Любимый наставник А. А. Дмитрий Николаевич Ушаков слушал в свое время лекции Фортунатова. Как-то Фортунатов заявил студентам: «Все, что я изложил вам на прошлой лекции, — неверно. Я это понял за неделю. Прошу зачеркнуть эту запись, а я изложу эти вопросы сегодня совсем по-другому». Вспоминая этот случай, Д. Н. Ушаков добавлял: «Вот, даже если в пустяке ошибешься на лекции, непременно надо об этом сказать студентам, чтобы они — зачеркнули!»
Следуя завету учителей, и Реформатский не боялся, ошибившись, в этом признаться и изложить по-новому: «А в прошлый раз я вам, братцы, наврал. Не так это надо понимать, а вот эдак!» Мысль о том, что подобное признание может как-то пошатнуть авторитет, Реформатскому и в голову прийти не могла. Такие мысли посещают, думается, лишь тех, кто сам в свой авторитет не слишком верит…
Ошибиться Реформатский мог, ибо излагал свой предмет не по писаному, а вдохновенно. «Это был преподаватель-энтузиаст. Мы уважали его, ценили. И лишь спустя годы догадались, что он не только „вводил“ нас в науку о языке, но сам развивал ее»[33].

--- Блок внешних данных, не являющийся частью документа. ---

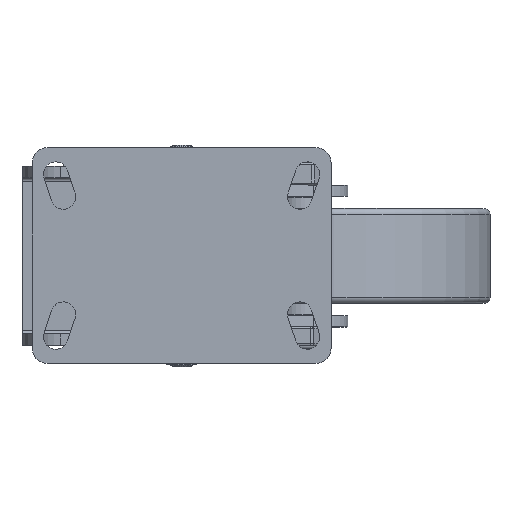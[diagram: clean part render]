
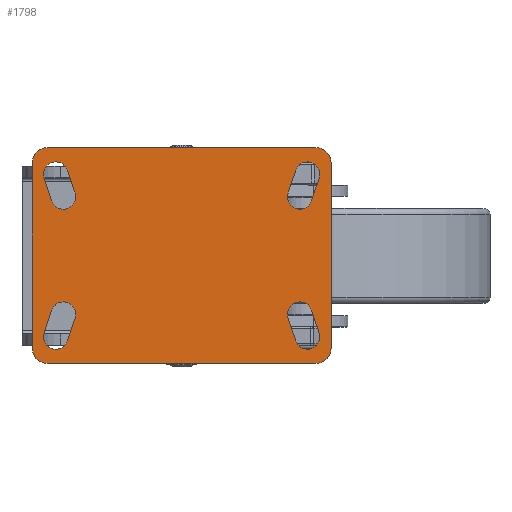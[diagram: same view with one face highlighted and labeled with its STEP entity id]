
A CAD part, top view. The second image highlights one B-rep face of the part: STEP entity #1798.
In plain terms, the highlighted planar face has unit normal (0, 0, 1).
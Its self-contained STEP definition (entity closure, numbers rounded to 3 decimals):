
#1798=ADVANCED_FACE('',(#3070,#3071,#3072,#3073,#3074),#2355,.T.);
#2355=PLANE('',#14890);
#3070=FACE_BOUND('',#3552,.T.);
#3071=FACE_BOUND('',#3553,.T.);
#3072=FACE_BOUND('',#3554,.T.);
#3073=FACE_BOUND('',#3555,.T.);
#3074=FACE_BOUND('',#3556,.T.);
#3552=EDGE_LOOP('',(#7686,#7687,#7688,#7689,#7690,#7691,#7692,#7693));
#3553=EDGE_LOOP('',(#7694,#7695,#7696,#7697));
#3554=EDGE_LOOP('',(#7698,#7699,#7700,#7701));
#3555=EDGE_LOOP('',(#7702,#7703,#7704,#7705));
#3556=EDGE_LOOP('',(#7706,#7707,#7708,#7709));
#4462=LINE('',#26361,#5369);
#4465=LINE('',#26371,#5372);
#4469=LINE('',#26383,#5376);
#4473=LINE('',#26395,#5380);
#4480=LINE('',#26417,#5387);
#4483=LINE('',#26426,#5390);
#4487=LINE('',#26435,#5394);
#4491=LINE('',#26447,#5398);
#4495=LINE('',#26459,#5402);
#4499=LINE('',#26471,#5406);
#4504=LINE('',#26489,#5411);
#4506=LINE('',#26497,#5413);
#5369=VECTOR('',#17432,1.);
#5372=VECTOR('',#17443,1.);
#5376=VECTOR('',#17455,1.);
#5380=VECTOR('',#17467,1.);
#5387=VECTOR('',#17488,1.);
#5390=VECTOR('',#17499,1.);
#5394=VECTOR('',#17505,1.);
#5398=VECTOR('',#17517,1.);
#5402=VECTOR('',#17529,1.);
#5406=VECTOR('',#17541,1.);
#5411=VECTOR('',#17560,1.);
#5413=VECTOR('',#17570,1.);
#7686=ORIENTED_EDGE('',*,*,#12314,.T.);
#7687=ORIENTED_EDGE('',*,*,#12318,.T.);
#7688=ORIENTED_EDGE('',*,*,#12319,.T.);
#7689=ORIENTED_EDGE('',*,*,#12323,.T.);
#7690=ORIENTED_EDGE('',*,*,#12325,.F.);
#7691=ORIENTED_EDGE('',*,*,#12330,.T.);
#7692=ORIENTED_EDGE('',*,*,#12331,.F.);
#7693=ORIENTED_EDGE('',*,*,#12334,.T.);
#7694=ORIENTED_EDGE('',*,*,#12369,.T.);
#7695=ORIENTED_EDGE('',*,*,#12366,.T.);
#7696=ORIENTED_EDGE('',*,*,#12363,.T.);
#7697=ORIENTED_EDGE('',*,*,#12371,.T.);
#7698=ORIENTED_EDGE('',*,*,#12357,.T.);
#7699=ORIENTED_EDGE('',*,*,#12354,.T.);
#7700=ORIENTED_EDGE('',*,*,#12351,.T.);
#7701=ORIENTED_EDGE('',*,*,#12359,.T.);
#7702=ORIENTED_EDGE('',*,*,#12345,.T.);
#7703=ORIENTED_EDGE('',*,*,#12342,.T.);
#7704=ORIENTED_EDGE('',*,*,#12339,.T.);
#7705=ORIENTED_EDGE('',*,*,#12347,.T.);
#7706=ORIENTED_EDGE('',*,*,#12375,.T.);
#7707=ORIENTED_EDGE('',*,*,#12378,.T.);
#7708=ORIENTED_EDGE('',*,*,#12381,.T.);
#7709=ORIENTED_EDGE('',*,*,#12382,.T.);
#10674=VERTEX_POINT('',#26360);
#10675=VERTEX_POINT('',#26362);
#10677=VERTEX_POINT('',#26368);
#10678=VERTEX_POINT('',#26372);
#10680=VERTEX_POINT('',#26378);
#10682=VERTEX_POINT('',#26384);
#10685=VERTEX_POINT('',#26392);
#10686=VERTEX_POINT('',#26396);
#10689=VERTEX_POINT('',#26406);
#10691=VERTEX_POINT('',#26410);
#10693=VERTEX_POINT('',#26415);
#10695=VERTEX_POINT('',#26421);
#10697=VERTEX_POINT('',#26430);
#10699=VERTEX_POINT('',#26434);
#10701=VERTEX_POINT('',#26439);
#10703=VERTEX_POINT('',#26445);
#10705=VERTEX_POINT('',#26454);
#10707=VERTEX_POINT('',#26458);
#10709=VERTEX_POINT('',#26463);
#10711=VERTEX_POINT('',#26469);
#10713=VERTEX_POINT('',#26478);
#10715=VERTEX_POINT('',#26482);
#10717=VERTEX_POINT('',#26488);
#10719=VERTEX_POINT('',#26494);
#12314=EDGE_CURVE('',#10675,#10674,#4462,.T.);
#12318=EDGE_CURVE('',#10674,#10677,#13861,.T.);
#12319=EDGE_CURVE('',#10677,#10678,#4465,.T.);
#12323=EDGE_CURVE('',#10678,#10680,#13862,.T.);
#12325=EDGE_CURVE('',#10682,#10680,#4469,.T.);
#12330=EDGE_CURVE('',#10682,#10685,#13865,.T.);
#12331=EDGE_CURVE('',#10686,#10685,#4473,.T.);
#12334=EDGE_CURVE('',#10686,#10675,#13866,.T.);
#12339=EDGE_CURVE('',#10689,#10691,#13869,.T.);
#12342=EDGE_CURVE('',#10693,#10689,#4480,.T.);
#12345=EDGE_CURVE('',#10695,#10693,#13871,.T.);
#12347=EDGE_CURVE('',#10691,#10695,#4483,.T.);
#12351=EDGE_CURVE('',#10697,#10699,#4487,.T.);
#12354=EDGE_CURVE('',#10701,#10697,#13873,.T.);
#12357=EDGE_CURVE('',#10703,#10701,#4491,.T.);
#12359=EDGE_CURVE('',#10699,#10703,#13875,.T.);
#12363=EDGE_CURVE('',#10705,#10707,#4495,.T.);
#12366=EDGE_CURVE('',#10709,#10705,#13877,.T.);
#12369=EDGE_CURVE('',#10711,#10709,#4499,.T.);
#12371=EDGE_CURVE('',#10707,#10711,#13879,.T.);
#12375=EDGE_CURVE('',#10713,#10715,#13881,.T.);
#12378=EDGE_CURVE('',#10715,#10717,#4504,.T.);
#12381=EDGE_CURVE('',#10717,#10719,#13883,.T.);
#12382=EDGE_CURVE('',#10719,#10713,#4506,.T.);
#13861=CIRCLE('',#14845,8.);
#13862=CIRCLE('',#14848,8.);
#13865=CIRCLE('',#14853,8.);
#13866=CIRCLE('',#14856,8.);
#13869=CIRCLE('',#14860,6.5);
#13871=CIRCLE('',#14864,6.5);
#13873=CIRCLE('',#14869,6.5);
#13875=CIRCLE('',#14873,6.5);
#13877=CIRCLE('',#14877,6.5);
#13879=CIRCLE('',#14881,6.5);
#13881=CIRCLE('',#14884,6.5);
#13883=CIRCLE('',#14888,6.5);
#14845=AXIS2_PLACEMENT_3D('',#26369,#17439,#17440);
#14848=AXIS2_PLACEMENT_3D('',#26380,#17449,#17450);
#14853=AXIS2_PLACEMENT_3D('',#26393,#17463,#17464);
#14856=AXIS2_PLACEMENT_3D('',#26401,#17472,#17473);
#14860=AXIS2_PLACEMENT_3D('',#26411,#17482,#17483);
#14864=AXIS2_PLACEMENT_3D('',#26423,#17494,#17495);
#14869=AXIS2_PLACEMENT_3D('',#26441,#17511,#17512);
#14873=AXIS2_PLACEMENT_3D('',#26450,#17522,#17523);
#14877=AXIS2_PLACEMENT_3D('',#26465,#17535,#17536);
#14881=AXIS2_PLACEMENT_3D('',#26474,#17546,#17547);
#14884=AXIS2_PLACEMENT_3D('',#26483,#17554,#17555);
#14888=AXIS2_PLACEMENT_3D('',#26495,#17566,#17567);
#14890=AXIS2_PLACEMENT_3D('',#26498,#17571,#17572);
#17432=DIRECTION('',(1.,0.,0.));
#17439=DIRECTION('',(0.,0.,1.));
#17440=DIRECTION('',(0.,-1.,0.));
#17443=DIRECTION('',(0.,1.,0.));
#17449=DIRECTION('',(0.,0.,1.));
#17450=DIRECTION('',(1.,0.,0.));
#17455=DIRECTION('',(1.,0.,0.));
#17463=DIRECTION('',(0.,0.,1.));
#17464=DIRECTION('',(0.,1.,0.));
#17467=DIRECTION('',(0.,1.,0.));
#17472=DIRECTION('',(0.,0.,1.));
#17473=DIRECTION('',(-1.,0.,0.));
#17482=DIRECTION('',(0.,0.,-1.));
#17483=DIRECTION('',(-0.949,0.316,0.));
#17488=DIRECTION('',(0.316,0.949,0.));
#17494=DIRECTION('',(0.,0.,-1.));
#17495=DIRECTION('',(0.949,-0.316,0.));
#17499=DIRECTION('',(-0.316,-0.949,0.));
#17505=DIRECTION('',(-0.316,0.949,0.));
#17511=DIRECTION('',(0.,0.,-1.));
#17512=DIRECTION('',(0.949,0.316,0.));
#17517=DIRECTION('',(0.316,-0.949,0.));
#17522=DIRECTION('',(0.,0.,-1.));
#17523=DIRECTION('',(-0.949,-0.316,0.));
#17529=DIRECTION('',(0.316,-0.949,0.));
#17535=DIRECTION('',(0.,0.,-1.));
#17536=DIRECTION('',(-0.949,-0.316,0.));
#17541=DIRECTION('',(-0.316,0.949,0.));
#17546=DIRECTION('',(0.,0.,-1.));
#17547=DIRECTION('',(0.949,0.316,0.));
#17554=DIRECTION('',(0.,0.,-1.));
#17555=DIRECTION('',(-0.949,0.316,0.));
#17560=DIRECTION('',(-0.316,-0.949,0.));
#17566=DIRECTION('',(0.,0.,-1.));
#17567=DIRECTION('',(0.949,-0.316,0.));
#17570=DIRECTION('',(0.316,0.949,0.));
#17571=DIRECTION('',(0.,0.,1.));
#17572=DIRECTION('',(-1.,0.,0.));
#26360=CARTESIAN_POINT('',(71.,-57.,0.));
#26361=CARTESIAN_POINT('',(-71.,-57.,0.));
#26362=CARTESIAN_POINT('',(-71.,-57.,0.));
#26368=CARTESIAN_POINT('',(79.,-49.,0.));
#26369=CARTESIAN_POINT('',(71.,-49.,0.));
#26371=CARTESIAN_POINT('',(79.,-49.,0.));
#26372=CARTESIAN_POINT('',(79.,49.,0.));
#26378=CARTESIAN_POINT('',(71.,57.,0.));
#26380=CARTESIAN_POINT('',(71.,49.,0.));
#26383=CARTESIAN_POINT('',(-71.,57.,0.));
#26384=CARTESIAN_POINT('',(-71.,57.,0.));
#26392=CARTESIAN_POINT('',(-79.,49.,0.));
#26393=CARTESIAN_POINT('',(-71.,49.,0.));
#26395=CARTESIAN_POINT('',(-79.,-49.,0.));
#26396=CARTESIAN_POINT('',(-79.,-49.,0.));
#26401=CARTESIAN_POINT('',(-71.,-49.,0.));
#26406=CARTESIAN_POINT('',(60.334,45.055,0.));
#26410=CARTESIAN_POINT('',(72.666,40.945,0.));
#26411=CARTESIAN_POINT('',(66.5,43.,0.));
#26415=CARTESIAN_POINT('',(56.334,33.055,0.));
#26417=CARTESIAN_POINT('',(56.334,33.055,0.));
#26421=CARTESIAN_POINT('',(68.666,28.945,0.));
#26423=CARTESIAN_POINT('',(62.5,31.,0.));
#26426=CARTESIAN_POINT('',(72.666,40.945,0.));
#26430=CARTESIAN_POINT('',(-68.666,28.945,0.));
#26434=CARTESIAN_POINT('',(-72.666,40.945,0.));
#26435=CARTESIAN_POINT('',(-68.666,28.945,0.));
#26439=CARTESIAN_POINT('',(-56.334,33.055,0.));
#26441=CARTESIAN_POINT('',(-62.5,31.,0.));
#26445=CARTESIAN_POINT('',(-60.334,45.055,0.));
#26447=CARTESIAN_POINT('',(-60.334,45.055,0.));
#26450=CARTESIAN_POINT('',(-66.5,43.,0.));
#26454=CARTESIAN_POINT('',(68.666,-28.945,0.));
#26458=CARTESIAN_POINT('',(72.666,-40.945,0.));
#26459=CARTESIAN_POINT('',(68.666,-28.945,0.));
#26463=CARTESIAN_POINT('',(56.334,-33.055,0.));
#26465=CARTESIAN_POINT('',(62.5,-31.,0.));
#26469=CARTESIAN_POINT('',(60.334,-45.055,0.));
#26471=CARTESIAN_POINT('',(60.334,-45.055,0.));
#26474=CARTESIAN_POINT('',(66.5,-43.,0.));
#26478=CARTESIAN_POINT('',(-68.666,-28.945,0.));
#26482=CARTESIAN_POINT('',(-56.334,-33.055,0.));
#26483=CARTESIAN_POINT('',(-62.5,-31.,0.));
#26488=CARTESIAN_POINT('',(-60.334,-45.055,0.));
#26489=CARTESIAN_POINT('',(-56.334,-33.055,0.));
#26494=CARTESIAN_POINT('',(-72.666,-40.945,0.));
#26495=CARTESIAN_POINT('',(-66.5,-43.,0.));
#26497=CARTESIAN_POINT('',(-72.666,-40.945,0.));
#26498=CARTESIAN_POINT('',(-79.,-57.,0.));

Как он эту науку развивал, в чем была ценность Реформатского-ученого — не мне об этом говорить. А вот Реформатский-учитель до сих пор своими учениками не забыт, и объясняется это не только его педагогическим даром…
«Сервилизм — болезнь дурная и заразная, — пишет А. А. в письме к одной из бывших учениц. — Как с этим бороться? А вот как: честность, честность и еще раз честность!»
«Страстный и пристрастный Реформатский вносил дух относительности в застывшие классические нормы, вдруг переставал понимать (прикидываясь простачком) давно, казалось бы, понятные вещи и, играючи, переворачивал на попа привычные истины», — вспоминает И. А. Мельчук.
Эта его манера все подвергать сомнению, ставить «на попа привычные истины» шла иногда вразрез с официально принятыми утвержденными взглядами.